What the exercise asks:
What is needed is an exact copy of the entries below, with the pictures left out.

*** Record excerpts ***

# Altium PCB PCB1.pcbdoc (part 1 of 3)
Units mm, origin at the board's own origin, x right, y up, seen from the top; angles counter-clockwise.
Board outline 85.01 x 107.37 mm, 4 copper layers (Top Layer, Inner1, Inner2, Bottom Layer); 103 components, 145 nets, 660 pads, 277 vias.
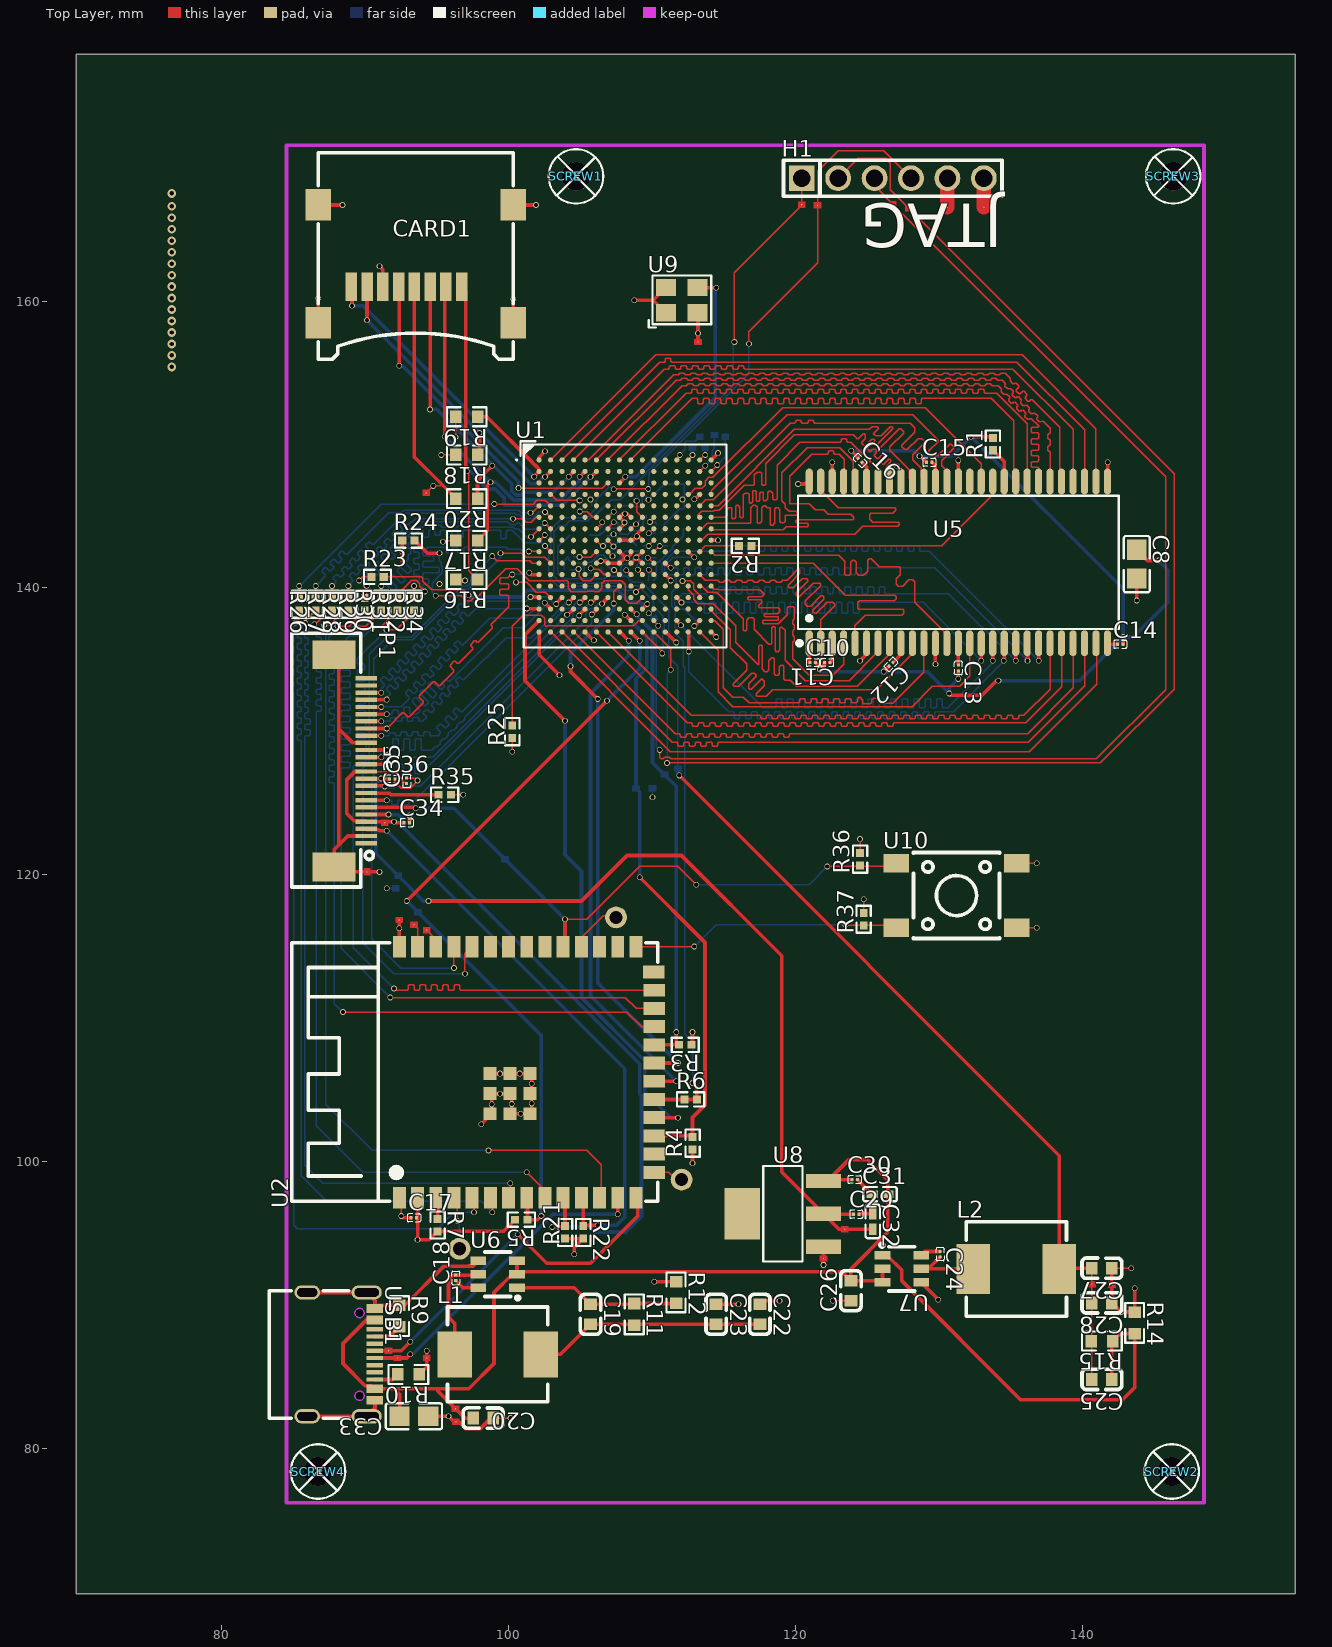
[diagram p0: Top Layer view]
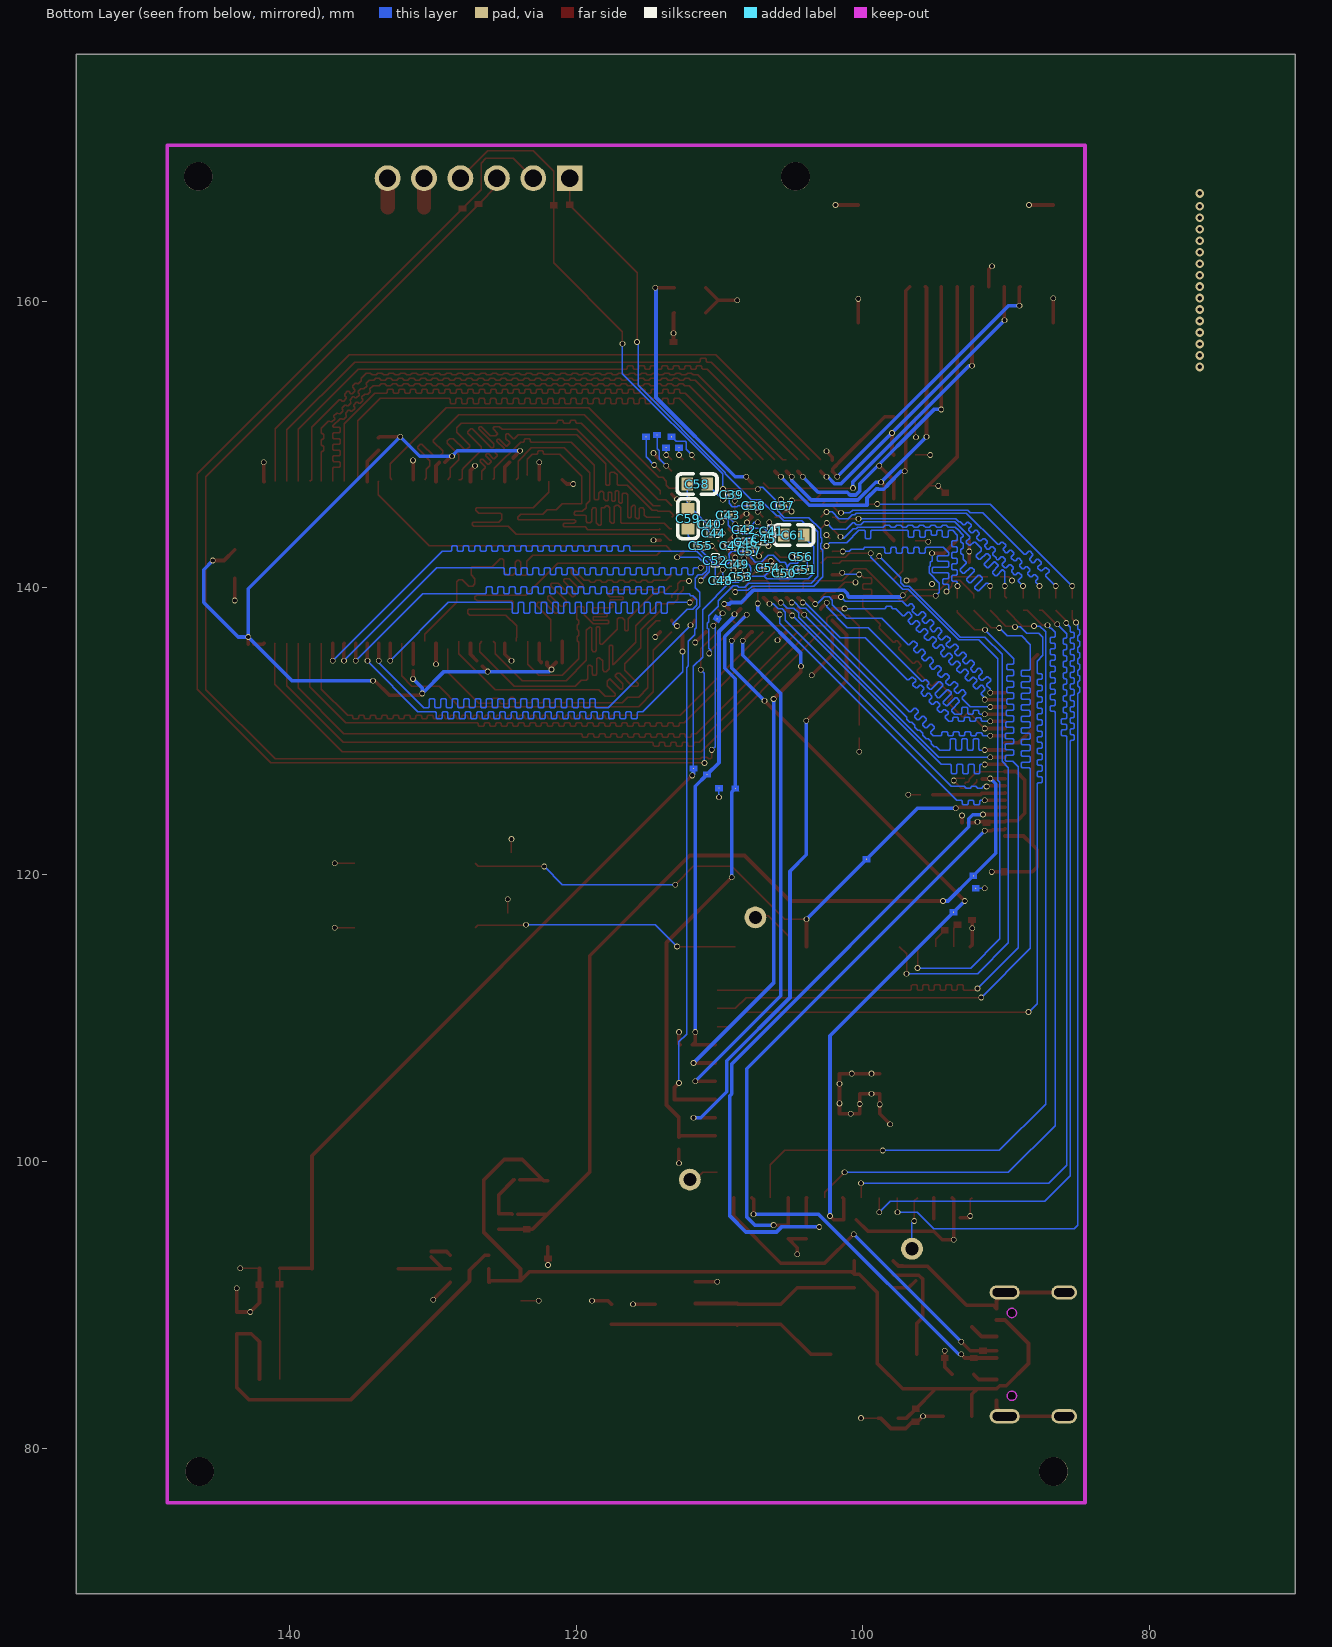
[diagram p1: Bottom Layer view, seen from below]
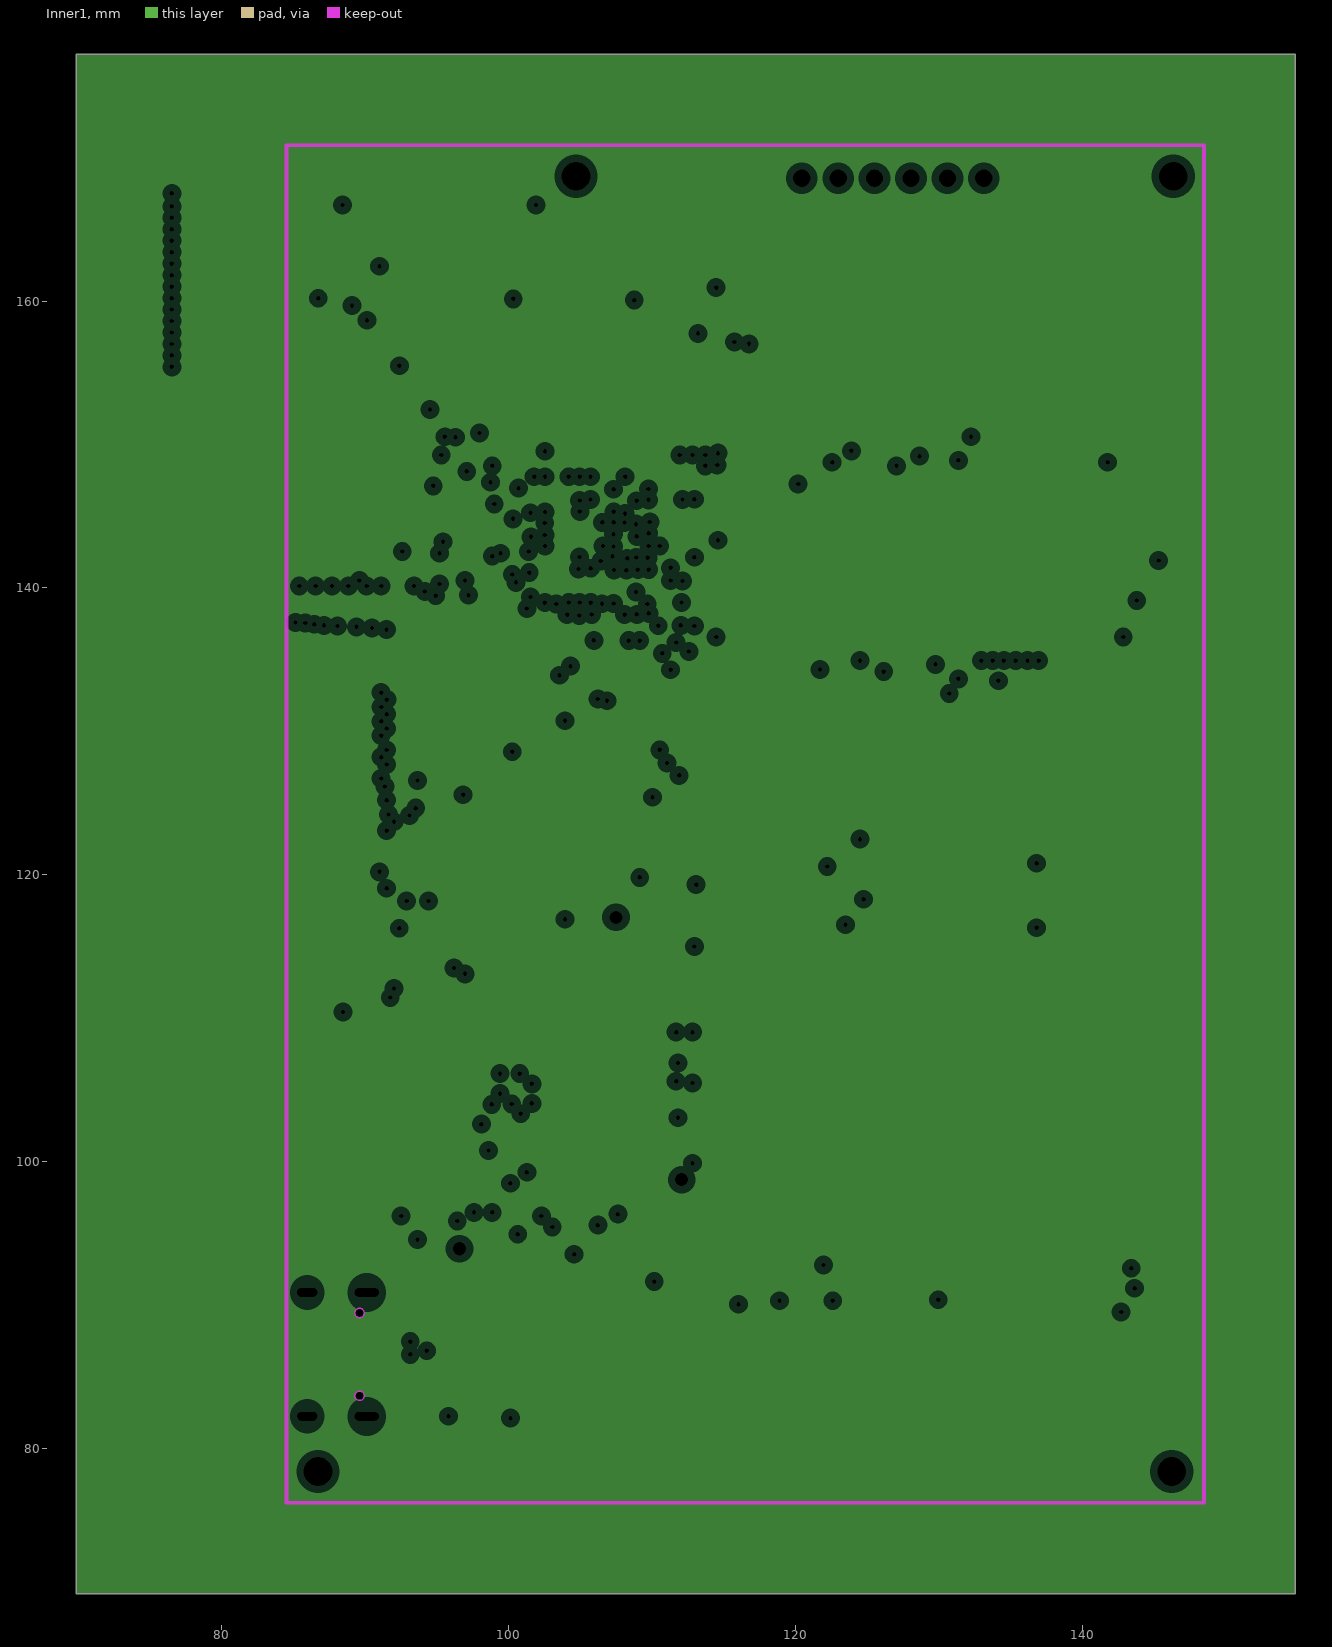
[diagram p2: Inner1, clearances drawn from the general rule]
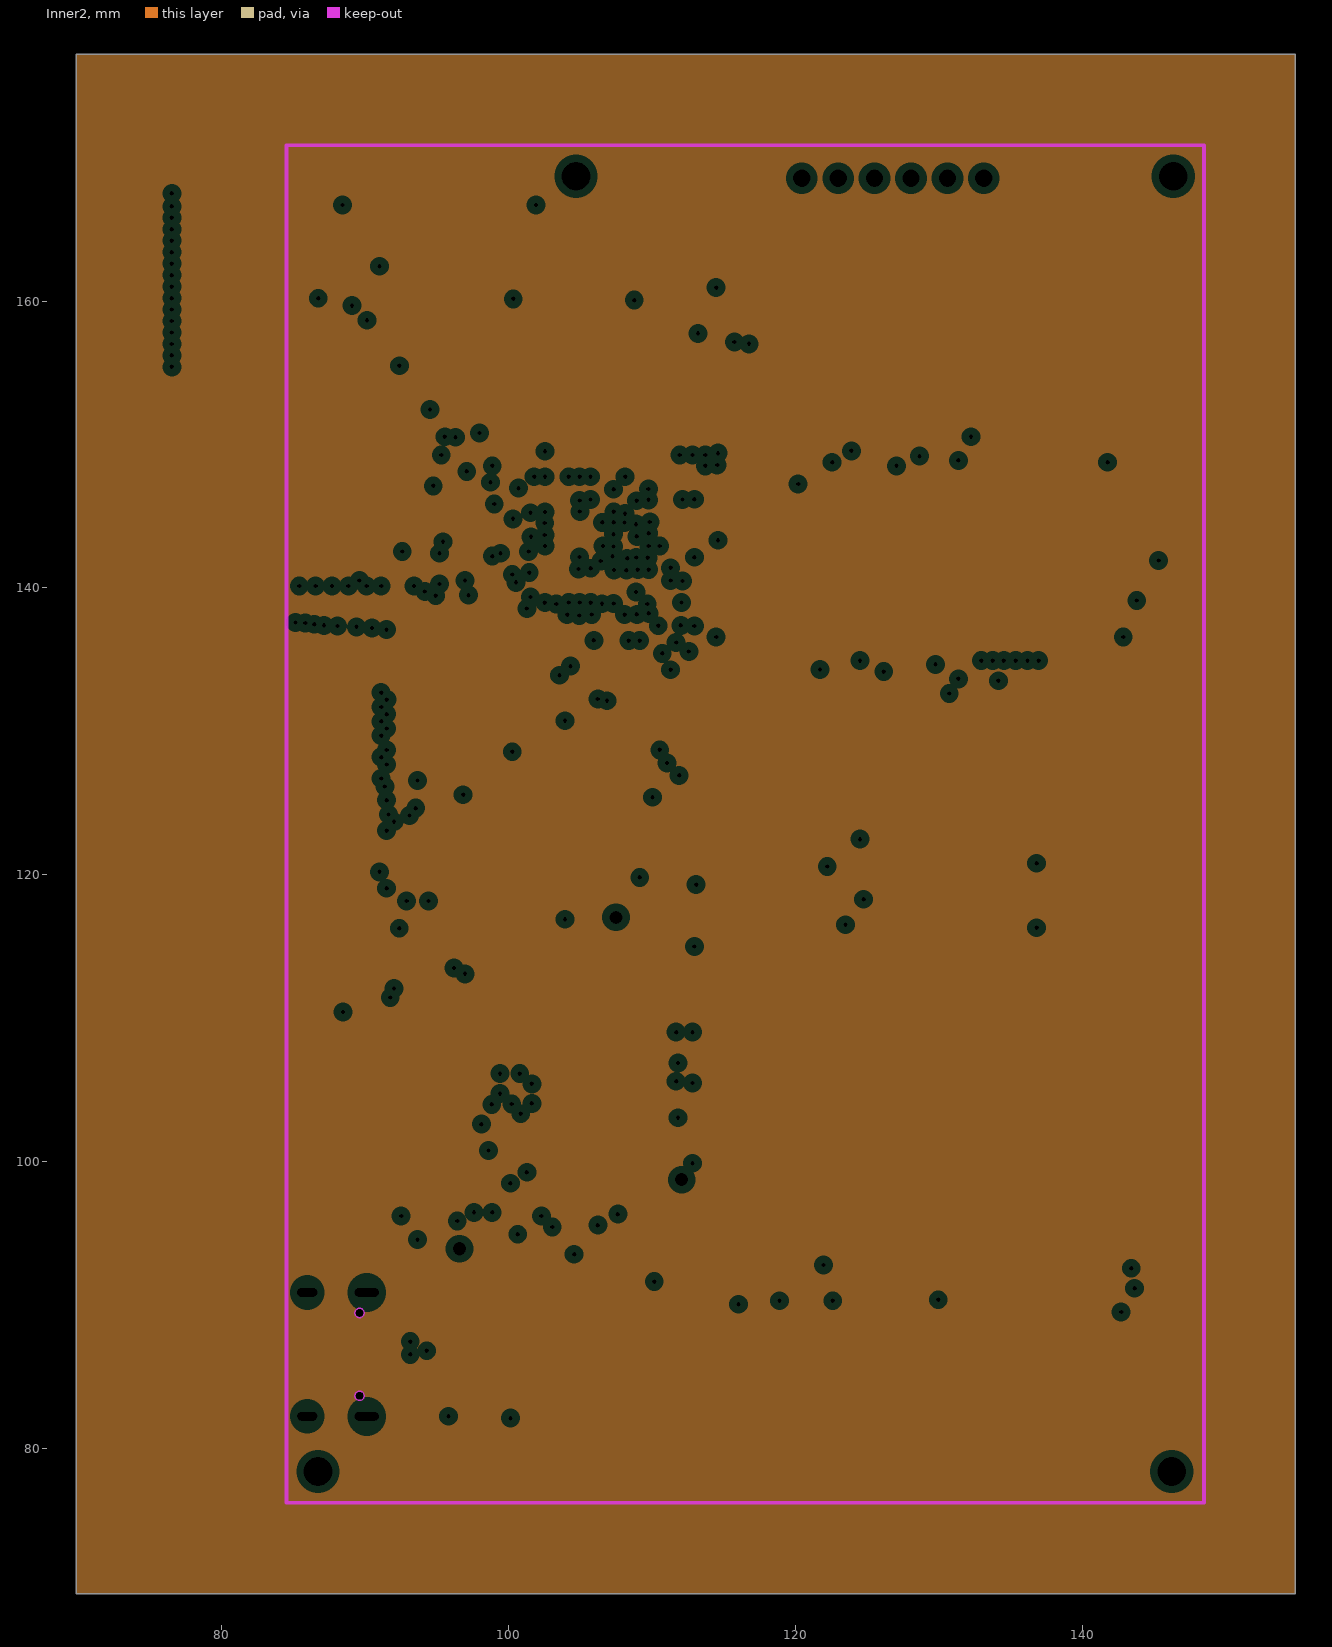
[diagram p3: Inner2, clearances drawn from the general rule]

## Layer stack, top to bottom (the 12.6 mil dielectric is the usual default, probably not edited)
Top Layer: signal copper (thickness not stored)
Dielectric: dielectric 0.32, FR-4, Dk 4.8
Inner1: plane copper (thickness not stored)
Dielectric: dielectric 0.32, FR-4, Dk 4.8
Inner2: plane copper (thickness not stored)
Dielectric: dielectric 0.32, FR-4, Dk 4.8
Bottom Layer: signal copper (thickness not stored)

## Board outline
154.856,69.85 69.85,69.85 69.85,177.216 154.856,177.216

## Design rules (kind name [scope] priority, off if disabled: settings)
BoardOutlineClearance copperThickness1oz [All] p0: genericclearance=0.254 ignorepadtopadclearanceinfootprint=FALSE except(0: Arc-SplitContinuation Track-SplitContinuation SMDPad-SplitContinuation THPad-SplitContinuation Via-SplitContinuation Fill-SplitContinuation Poly-SplitContinuation Region-SplitContinuation Text-SplitContinuation; 0.152: Track-CutoutEdge SMDPad-CutoutEdge THPad-CutoutEdge Via-CutoutEdge Region-CutoutEdge; 0.3: Track-OutlineEdge SMDPad-OutlineEdge THPad-OutlineEdge Via-OutlineEdge Fill-OutlineEdge Region-OutlineEdge Poly-OutlineEdge Text-OutlineEdge Fill-CutoutEdge)
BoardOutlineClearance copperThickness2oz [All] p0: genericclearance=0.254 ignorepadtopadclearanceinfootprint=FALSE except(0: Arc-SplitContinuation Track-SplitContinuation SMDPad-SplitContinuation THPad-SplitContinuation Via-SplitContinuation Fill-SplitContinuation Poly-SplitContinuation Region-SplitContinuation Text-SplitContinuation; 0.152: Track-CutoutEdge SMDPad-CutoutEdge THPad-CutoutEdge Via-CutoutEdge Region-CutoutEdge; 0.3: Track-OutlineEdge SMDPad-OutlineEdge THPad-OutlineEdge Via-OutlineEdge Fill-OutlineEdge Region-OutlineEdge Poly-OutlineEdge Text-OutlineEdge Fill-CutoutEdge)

***

Worked solution:
# Altium PCB PCB1.pcbdoc (part 1 of 3)
Units mm, origin at the board's own origin, x right, y up, seen from the top; angles counter-clockwise.
Board outline 85.01 x 107.37 mm, 4 copper layers (Top Layer, Inner1, Inner2, Bottom Layer); 103 components, 145 nets, 660 pads, 277 vias.
[diagram p0: Top Layer view]
[diagram p1: Bottom Layer view, seen from below]
[diagram p2: Inner1, clearances drawn from the general rule]
[diagram p3: Inner2, clearances drawn from the general rule]

## Layer stack, top to bottom (the 12.6 mil dielectric is the usual default, probably not edited)
Top Layer: signal copper (thickness not stored)
Dielectric: dielectric 0.32, FR-4, Dk 4.8
Inner1: plane copper (thickness not stored)
Dielectric: dielectric 0.32, FR-4, Dk 4.8
Inner2: plane copper (thickness not stored)
Dielectric: dielectric 0.32, FR-4, Dk 4.8
Bottom Layer: signal copper (thickness not stored)

## Board outline
154.856,69.85 69.85,69.85 69.85,177.216 154.856,177.216

## Design rules (kind name [scope] priority, off if disabled: settings)
BoardOutlineClearance copperThickness1oz [All] p0: genericclearance=0.254 ignorepadtopadclearanceinfootprint=FALSE except(0: Arc-SplitContinuation Track-SplitContinuation SMDPad-SplitContinuation THPad-SplitContinuation Via-SplitContinuation Fill-SplitContinuation Poly-SplitContinuation Region-SplitContinuation Text-SplitContinuation; 0.152: Track-CutoutEdge SMDPad-CutoutEdge THPad-CutoutEdge Via-CutoutEdge Region-CutoutEdge; 0.3: Track-OutlineEdge SMDPad-OutlineEdge THPad-OutlineEdge Via-OutlineEdge Fill-OutlineEdge Region-OutlineEdge Poly-OutlineEdge Text-OutlineEdge Fill-CutoutEdge)
BoardOutlineClearance copperThickness2oz [All] p0: genericclearance=0.254 ignorepadtopadclearanceinfootprint=FALSE except(0: Arc-SplitContinuation Track-SplitContinuation SMDPad-SplitContinuation THPad-SplitContinuation Via-SplitContinuation Fill-SplitContinuation Poly-SplitContinuation Region-SplitContinuation Text-SplitContinuation; 0.152: Track-CutoutEdge SMDPad-CutoutEdge THPad-CutoutEdge Via-CutoutEdge Region-CutoutEdge; 0.3: Track-OutlineEdge SMDPad-OutlineEdge THPad-OutlineEdge Via-OutlineEdge Fill-OutlineEdge Region-OutlineEdge Poly-OutlineEdge Text-OutlineEdge Fill-CutoutEdge)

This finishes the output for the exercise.